Roger Strassburg: They now appear to be viable.
James Galbraith: They are, as a political force in Greece, viable.
Roger Strassburg: How is the press treating him. Are they treating him fairly?
James Galbraith: These are tests. I don’t begrudge the forces of the status quo their stratagems. I think that there are such things as pariahs in politics. It’s not unreasonable to draw distinctions between the mainstream and the fringe, and make it difficult to cross that barrier to become a mainstream political force. Which means, when you have a movement that achieves that, that is something to be taken seriously. It’s not a freak phenomenon, it’s not something which is achieved easily. It’s a process of years. And that’s what we’ve observed in Greece, something which was at one point a minor player of dissidence in a country dominated by New Democracy and PASOK, two very long-established political parties with high dynastic traditions going back to the end of the civil war, and especially to the end of the junta in 1974. And that political order has crumbled, first PASOK, and now you see the relative decline of New Democracy. So something new has emerged.
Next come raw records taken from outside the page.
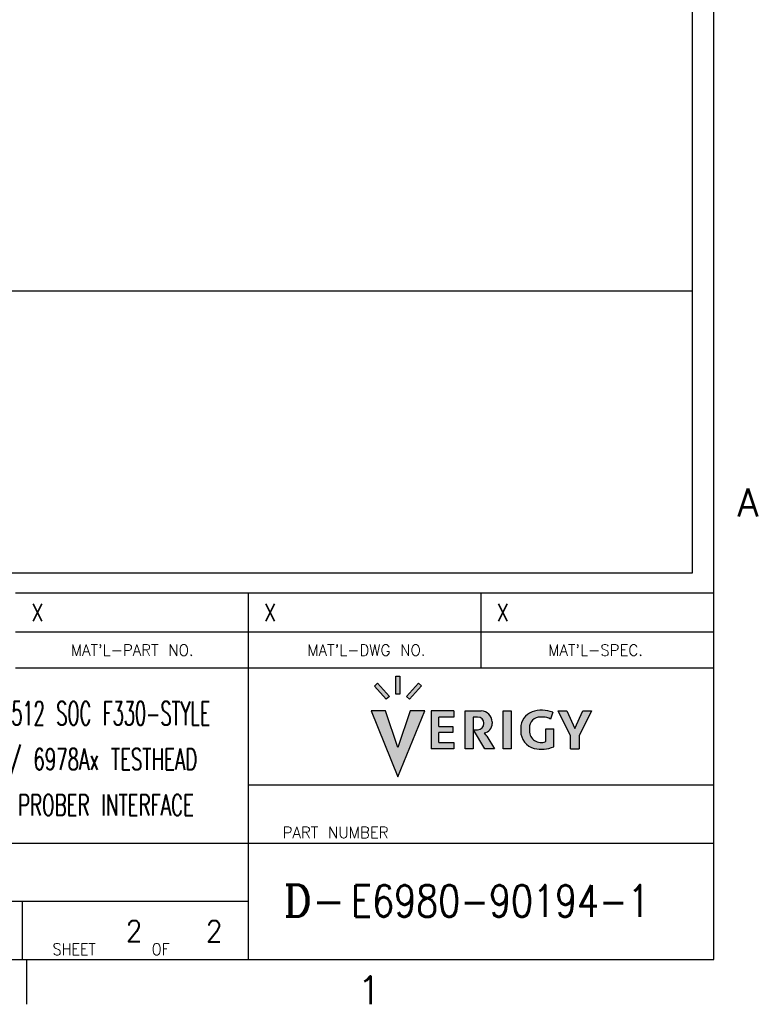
# Model space of a CAD drawing. Extents: x -1763 to 4575, y -3429 to 1051.
# Tile 69 of 80: x 3737 to 4575, y -3429 to -2312. Entities that reach past the tile are written whole.
import ezdxf

# ---------------------------------------------------------------- set-up
doc = ezdxf.new("R2010")
doc.units = 0
doc.layers.add('1', color=7, linetype='CONTINUOUS')
doc.styles.add('CONVERTER_1', font='txt.shx', dxfattribs={"width": 0.63})
doc.styles.add('CONVERTER_10', font='complex.shx', dxfattribs={"width": 0.95})
doc.styles.add('CONVERTER_11', font='txt.shx', dxfattribs={"width": 0.54})
doc.styles.add('CONVERTER_2', font='txt.shx', dxfattribs={"width": 0.9})
doc.styles.add('CONVERTER_3', font='txt.shx', dxfattribs={"width": 0.81})
doc.styles.add('CONVERTER_7', font='txt.shx', dxfattribs={"width": 0.97875000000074})
doc.styles.add('CONVERTER_9', font='txt.shx', dxfattribs={"width": 0.97031249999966})

# ---------------------------------------------------------------- blocks, each defined once
blk = doc.blocks.new('ATA1_S', base_point=(-213.9843043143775, -422.2505840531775))
at = {"layer": '1', "linetype": 'CONTINUOUS'}
for color, points in [(8, [(521.0651211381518, -382.0853837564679), (521.0651211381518, -384.6470500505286), (520.4829242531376, -384.6470500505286), (520.4829242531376, -382.0853837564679)]), (8, [(519.5767978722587, -384.9778270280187), (519.1441412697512, -385.3673927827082), (517.4556543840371, -383.4921381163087), (517.8883109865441, -383.1025723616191)]), (8, [(523.6856075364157, -383.0877868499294), (524.1182641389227, -383.4773526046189), (522.4187809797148, -385.3648198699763), (521.9861243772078, -384.9752541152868)]), (2, [(524.6163159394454, -387.0070300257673), (520.772297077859, -396.380399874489), (516.9923451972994, -387.0070300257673), (519.0188286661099, -387.0070300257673), (520.7876143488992, -392.1885823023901), (522.523461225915, -387.0070300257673)]), (8, [(528.699573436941, -387.0070300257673), (528.699573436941, -387.880325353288), (526.615308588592, -387.880325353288), (526.615308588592, -389.2077342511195), (528.5947779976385, -389.2077342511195), (528.5947779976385, -390.0577417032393), (526.615308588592, -390.0577417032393), (526.615308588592, -391.4899460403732), (528.699573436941, -391.4899460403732), (528.699573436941, -392.3748853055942), (525.520778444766, -392.3748853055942), (525.520778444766, -387.0070300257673)]), (8, [(536.8593553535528, -387.0070300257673), (536.8593553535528, -392.3748853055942), (535.7182494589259, -392.3748853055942), (535.7182494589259, -387.0070300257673)]), (8, [(548.2423451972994, -387.0070300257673), (546.4907262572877, -390.5451569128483), (546.4907262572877, -392.3748853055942), (545.266278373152, -392.3748853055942), (545.266278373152, -390.5451569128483), (543.5146594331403, -387.0070300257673), (544.7649603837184, -387.0070300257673), (545.8785023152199, -389.5104766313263), (546.9920442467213, -387.0070300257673)])]:
    blk.add_hatch(color=color, dxfattribs=at).paths.add_polyline_path(points)
h = blk.add_hatch(color=8, dxfattribs=at)
edge = h.paths.add_edge_path()
edge.add_arc((532.5947599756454, -388.5728502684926), 1.5658202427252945, 360, 450, ccw=False)
edge.add_line((534.1605802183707, -388.5728502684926), (534.1605802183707, -388.8012625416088))
edge.add_arc((532.821527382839, -388.8012625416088), 1.3390528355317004, 278.3940141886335, 360, ccw=False)
edge.add_arc((531.0583989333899, -392.0368217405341), 2.7363253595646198, 391.9999999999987, 404.2929609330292, ccw=False)
edge.add_line((533.3789344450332, -390.586790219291), (534.4962602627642, -392.3748853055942))
edge.add_line((534.4962602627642, -392.3748853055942), (533.1107465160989, -392.3748853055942))
edge.add_line((533.1107465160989, -392.3748853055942), (531.4945819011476, -389.6851356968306))
edge.add_line((531.4945819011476, -389.6851356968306), (532.0996032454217, -389.6851356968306))
edge.add_arc((532.0996032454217, -388.8118403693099), 0.8732953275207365, -90, 0)
edge.add_line((532.9728985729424, -388.8118403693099), (532.9728985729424, -388.7536206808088))
edge.add_arc((532.0996032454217, -388.7536206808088), 0.8732953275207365, 0, 90)
edge.add_line((532.0996032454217, -387.880325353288), (531.4475427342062, -387.880325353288))
edge.add_line((531.4475427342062, -387.880325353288), (531.4475427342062, -392.3748853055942))
edge.add_line((531.4475427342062, -392.3748853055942), (530.34136865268, -392.3748853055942))
edge.add_line((530.34136865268, -392.3748853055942), (530.34136865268, -387.0070300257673))
edge.add_line((530.34136865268, -387.0070300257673), (532.5947599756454, -387.0070300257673))
h = blk.add_hatch(color=8, dxfattribs=at)
edge = h.paths.add_edge_path()
edge.add_line((542.7602926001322, -387.2011593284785), (542.4467743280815, -388.1660693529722))
edge.add_arc((541.368163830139, -390.058936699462), 2.1786113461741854, 60.32426010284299, 90)
edge.add_line((541.368163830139, -387.880325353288), (540.9855229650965, -387.880325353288))
edge.add_arc((540.9855229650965, -389.4287460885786), 1.5484207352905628, 90, 180)
edge.add_line((539.4371022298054, -389.4287460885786), (539.4371022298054, -389.8393407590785))
edge.add_arc((541.0905413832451, -389.8393407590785), 1.653439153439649, 180, -66.5014932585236)
edge.add_line((541.7498091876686, -391.3556609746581), (541.7498091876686, -389.5570523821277))
edge.add_line((541.7498091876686, -389.5570523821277), (542.8792711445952, -389.5570523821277))
edge.add_line((542.8792711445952, -389.5570523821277), (542.8792711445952, -392.0873345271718))
edge.add_arc((541.1544419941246, -388.2412874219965), 4.215105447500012, 255.96186761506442, 294.15470915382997, ccw=False)
edge.add_arc((540.7505467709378, -389.8566419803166), 2.5500223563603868, 540, 255.9618676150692, ccw=False)
edge.add_line((538.2005244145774, -389.8566419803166), (538.2005244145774, -389.461574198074))
edge.add_arc((540.6457513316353, -389.461574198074), 2.4452269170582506, 469.72351309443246, 540, ccw=False)
edge.add_arc((541.235193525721, -391.1056960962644), 4.191817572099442, 428.66454883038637, 469.7235130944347, ccw=False)
at = {"layer": '1', "color": 7, "linetype": 'CONTINUOUS'}
for p, q in [((565.5756956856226, -422.2505840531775), (565.5756956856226, 124.9094159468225)), ((466.5756956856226, -375.8162090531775), (565.5756956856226, -375.8162090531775)), ((565.5756956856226, -380.9755840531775), (466.5756956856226, -380.9755840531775)), ((499.5756956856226, -422.2505840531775), (499.5756956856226, -380.9755840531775)), ((499.5756956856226, -397.4855840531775), (565.5756956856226, -397.4855840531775)), ((436.9428055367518, -405.7405840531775), (565.5756956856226, -405.7405840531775)), ((-213.9843043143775, -422.2505840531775), (565.5756956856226, -422.2505840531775))]:
    blk.add_line(p, q, dxfattribs=at)
at = {"layer": '1', "color": 1, "linetype": 'CONTINUOUS'}
for p, q in [((499.5756956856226, -370.3162090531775), (466.5756956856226, -370.3162090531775)), ((532.5756956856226, -370.3162090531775), (499.5756956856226, -370.3162090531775)), ((499.5756956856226, -380.9755840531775), (499.5756956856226, -370.3162090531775)), ((532.5756956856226, -380.9755840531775), (532.5756956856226, -370.3162090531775)), ((565.5756956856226, -370.3162090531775), (532.5756956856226, -370.3162090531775)), ((335.813465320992, -413.9955840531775), (499.5756956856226, -413.9955840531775)), ((467.5475706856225, -422.2505840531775), (467.5475706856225, -413.9955840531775)), ((468.1306956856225, -422.2505840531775), (468.1306956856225, -428.6005840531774))]:
    blk.add_line(p, q, dxfattribs=at)
at = {"layer": '1', "color": 8, "linetype": 'CONTINUOUS'}
for p, q in [((520.4829242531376, -382.0853837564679), (521.0651211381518, -382.0853837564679)), ((520.4829242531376, -384.6470500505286), (520.4829242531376, -382.0853837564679)), ((521.0651211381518, -382.0853837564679), (521.0651211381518, -384.6470500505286)), ((517.4556543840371, -383.4921381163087), (517.8883109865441, -383.1025723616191)), ((519.1441412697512, -385.3673927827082), (517.4556543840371, -383.4921381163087)), ((517.8883109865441, -383.1025723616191), (519.5767978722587, -384.9778270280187)), ((523.6856075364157, -383.0877868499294), (521.9861243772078, -384.9752541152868)), ((522.4187809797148, -385.3648198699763), (524.1182641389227, -383.4773526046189)), ((524.1182641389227, -383.4773526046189), (523.6856075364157, -383.0877868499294)), ((519.5767978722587, -384.9778270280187), (519.1441412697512, -385.3673927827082)), ((521.0651211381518, -384.6470500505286), (520.4829242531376, -384.6470500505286)), ((521.9861243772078, -384.9752541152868), (522.4187809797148, -385.3648198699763)), ((528.699573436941, -387.0070300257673), (525.520778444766, -387.0070300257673)), ((525.520778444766, -387.0070300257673), (525.520778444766, -392.3748853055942)), ((528.699573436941, -387.880325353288), (526.615308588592, -387.880325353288)), ((526.615308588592, -389.2077342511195), (526.615308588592, -387.880325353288)), ((528.699573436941, -387.0070300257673), (528.699573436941, -387.880325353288)), ((530.34136865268, -392.3748853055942), (530.34136865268, -387.0070300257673)), ((530.34136865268, -387.0070300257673), (532.5947599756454, -387.0070300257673)), ((532.0996032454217, -387.880325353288), (531.4475427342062, -387.880325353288)), ((531.4475427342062, -387.880325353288), (531.4475427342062, -392.3748853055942)), ((535.7182494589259, -387.0070300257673), (536.8593553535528, -387.0070300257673)), ((535.7182494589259, -392.3748853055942), (535.7182494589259, -387.0070300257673)), ((536.8593553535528, -387.0070300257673), (536.8593553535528, -392.3748853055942)), ((541.368163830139, -387.880325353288), (540.9855229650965, -387.880325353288)), ((542.7602926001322, -387.2011593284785), (542.4467743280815, -388.1660693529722)), ((545.266278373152, -390.5451569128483), (543.5146594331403, -387.0070300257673)), ((543.5146594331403, -387.0070300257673), (544.7649603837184, -387.0070300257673)), ((544.7649603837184, -387.0070300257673), (545.8785023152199, -389.5104766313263)), ((545.8785023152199, -389.5104766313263), (546.9920442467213, -387.0070300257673)), ((548.2423451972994, -387.0070300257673), (546.4907262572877, -390.5451569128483)), ((546.9920442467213, -387.0070300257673), (548.2423451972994, -387.0070300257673)), ((526.615308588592, -389.2077342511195), (528.5947779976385, -389.2077342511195)), ((528.5947779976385, -389.2077342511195), (528.5947779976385, -390.0577417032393)), ((532.9728985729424, -388.8118403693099), (532.9728985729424, -388.7536206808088)), ((534.1605802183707, -388.5728502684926), (534.1605802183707, -388.8012625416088)), ((528.5947779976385, -390.0577417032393), (526.615308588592, -390.0577417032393)), ((526.615308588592, -391.4899460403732), (526.615308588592, -390.0577417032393)), ((533.1107465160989, -392.3748853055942), (531.4945819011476, -389.6851356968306)), ((531.4945819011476, -389.6851356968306), (532.0996032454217, -389.6851356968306)), ((533.3789344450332, -390.586790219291), (534.4962602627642, -392.3748853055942)), ((538.2005244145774, -389.461574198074), (538.2005244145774, -389.8566419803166)), ((539.4371022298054, -389.4287460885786), (539.4371022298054, -389.8393407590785)), ((541.7498091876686, -391.3556609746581), (541.7498091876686, -389.5570523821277)), ((541.7498091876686, -389.5570523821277), (542.8792711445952, -389.5570523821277)), ((542.8792711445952, -392.0873345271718), (542.8792711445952, -389.5570523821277)), ((545.266278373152, -392.3748853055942), (545.266278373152, -390.5451569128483)), ((546.4907262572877, -390.5451569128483), (546.4907262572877, -392.3748853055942)), ((526.615308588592, -391.4899460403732), (528.699573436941, -391.4899460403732)), ((528.699573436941, -391.4899460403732), (528.699573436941, -392.3748853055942)), ((528.699573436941, -392.3748853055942), (525.520778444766, -392.3748853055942)), ((531.4475427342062, -392.3748853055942), (530.34136865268, -392.3748853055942)), ((534.4962602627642, -392.3748853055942), (533.1107465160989, -392.3748853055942)), ((536.8593553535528, -392.3748853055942), (535.7182494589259, -392.3748853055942)), ((545.266278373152, -392.3748853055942), (546.4907262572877, -392.3748853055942))]:
    blk.add_line(p, q, dxfattribs=at)
at = {"layer": '1', "color": 2, "linetype": 'CONTINUOUS'}
for p, q in [((516.9923451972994, -387.0070300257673), (520.772297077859, -396.380399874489)), ((519.0188286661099, -387.0070300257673), (516.9923451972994, -387.0070300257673)), ((520.7876143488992, -392.1885823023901), (519.0188286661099, -387.0070300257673)), ((520.772297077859, -396.380399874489), (524.6163159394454, -387.0070300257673)), ((522.523461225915, -387.0070300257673), (520.7876143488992, -392.1885823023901)), ((524.6163159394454, -387.0070300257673), (522.523461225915, -387.0070300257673))]:
    blk.add_line(p, q, dxfattribs=at)
at = {"layer": '1', "color": 8, "linetype": 'CONTINUOUS'}
for centre, radius, start, end in [((532.0996032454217, -388.7536206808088), 0.87329532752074, 0, 90), ((532.5947599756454, -388.5728502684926), 1.56582024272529, 0, 90), ((540.6457513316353, -389.461574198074), 2.44522691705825, 109.72351309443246, 180), ((540.9855229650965, -389.4287460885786), 1.54842073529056, 90, 180), ((541.235193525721, -391.1056960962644), 4.19181757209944, 68.66454883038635, 109.7235130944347), ((541.368163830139, -390.058936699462), 2.17861134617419, 60.32426010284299, 90), ((532.0996032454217, -388.8118403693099), 0.87329532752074, -90, 0), ((532.821527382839, -388.8012625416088), 1.3390528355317, -81.60598581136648, 0), ((531.0583989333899, -392.0368217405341), 2.73632535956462, 31.9999999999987, 44.29296093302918), ((540.7505467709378, -389.8566419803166), 2.55002235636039, 180, -104.0381323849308), ((541.0905413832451, -389.8393407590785), 1.65343915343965, 180, -66.5014932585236), ((541.1544419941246, -388.2412874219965), 4.21510544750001, -104.03813238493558, -65.84529084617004)]:
    blk.add_arc(centre, radius, start, end, dxfattribs=at)
at = {"layer": '1', "color": 1}
for s, height, style, width, p in [('PART NUMBER', 1.60000000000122, 'CONVERTER_9', 0.97031249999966, (504.4458138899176, -405.0451243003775)), ('D-', 4.5, 'CONVERTER_10', 0.95, (504.5599345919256, -416.1542082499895)), ('2', 3, 'CONVERTER_2', 0.9, (482.2089925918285, -419.7158329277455)), ('2', 3, 'CONVERTER_2', 0.9, (493.5687990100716, -419.7342445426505))]:
    blk.add_text(s, height=height, dxfattribs=dict(at, style=style, width=width)).set_placement(p)
at = {"layer": '1', "color": 7, "char_height": 4, "style": 'CONVERTER_7'}
for s, insert, attachment_point in [('A', (571.9256956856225, -357.4805840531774), 6), ('1', (516.7281956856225, -428.6005840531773), 8)]:
    blk.add_mtext(s, dxfattribs=dict(at, insert=insert, attachment_point=attachment_point))
at = {"layer": '1', "color": 1}
for s, insert, char_height, attachment_point, style in [('X', (468.8103673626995, -373.0662090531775), 2.5, 4, 'CONVERTER_3'), ('X', (501.8103673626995, -373.0662090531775), 2.5, 4, 'CONVERTER_3'), ('X', (534.8103673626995, -373.0662090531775), 2.5, 4, 'CONVERTER_3'), ("MAT'L-PART NO.", (483.1120381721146, -378.3958965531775), 1.6, 5, 'CONVERTER_9'), ("MAT'L-DWG NO.", (516.3279624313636, -378.3958965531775), 1.6, 5, 'CONVERTER_9'), ("MAT'L-SPEC.", (548.8273315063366, -378.3958965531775), 1.6, 5, 'CONVERTER_9'), ('CYLINDER CONFIG 512 SOC F330-STYLE', (468.2592506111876, -387.3580840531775), 3.4, 5, 'CONVERTER_11'), ('E6980A DUT IF / 6978Ax TESTHEAD', (468.2592506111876, -394.3580840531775), 3, 5, 'CONVERTER_1'), ('E2803xx WAFER PROBER INTERFACE', (468.2592506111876, -400.3580840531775), 3, 5, 'CONVERTER_1'), ('E6980-90194-1', (514.1725095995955, -413.9455840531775), 4.5, 4, 'CONVERTER_3'), ('SHEET      OF', (480.1190535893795, -420.7980499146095), 1.65, 5, 'CONVERTER_2')]:
    blk.add_mtext(s, dxfattribs=dict(at, insert=insert, char_height=char_height, attachment_point=attachment_point, style=style))
blk = doc.blocks.new('TEXT__258', base_point=(-2000, -2800))
at = {"layer": '1', "color": 7, "linetype": 'CONTINUOUS'}
for p, q in [((4500, -2200), (4500, -2940)), ((4500, -2940), (2500, -2940))]:
    blk.add_line(p, q, dxfattribs=at)
at = {"layer": '1', "color": 1, "linetype": 'CONTINUOUS'}
blk.add_line((4500, -2620), (-699.9999999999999, -2620), dxfattribs=at)

msp = doc.modelspace()

# ---------------------------------------------------------------- block references
at = {"layer": '1', "xscale": 8, "yscale": 8, "zscale": 8}
msp.add_blockref('ATA1_S', (-1711.87443451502, -3378.00467242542), dxfattribs=at)
at = {"layer": '1'}
msp.add_blockref('TEXT__258', (-2000, -2800), dxfattribs=at)

doc.saveas('drawing.dxf')

Roger Strassburg: Isn’t PASOK now so low that they may not even make it into the parliament?
James Galbraith: What has happened in PASOK is that George Papandreou has left to form his own formation, and we shall now see what happens there. I’m not actually close enough to be able to judge, but it might be one or the other, Venizelos vs. Papandreou. Or the other two possibilities are that it might be both or it might be neither. We’ll see.
Roger Strassburg: Tsipras appears to be somewhat charismatic.
James Galbraith: I’ve seen him up close on a couple of occasions at important moments where the eyes of the country were clearly on him. I’ve spoken to him on a number of occasions, he was in Austin at a conference a few years ago, and I have a sense of him as a thoughtful presence in private, and a rather impressive one in public.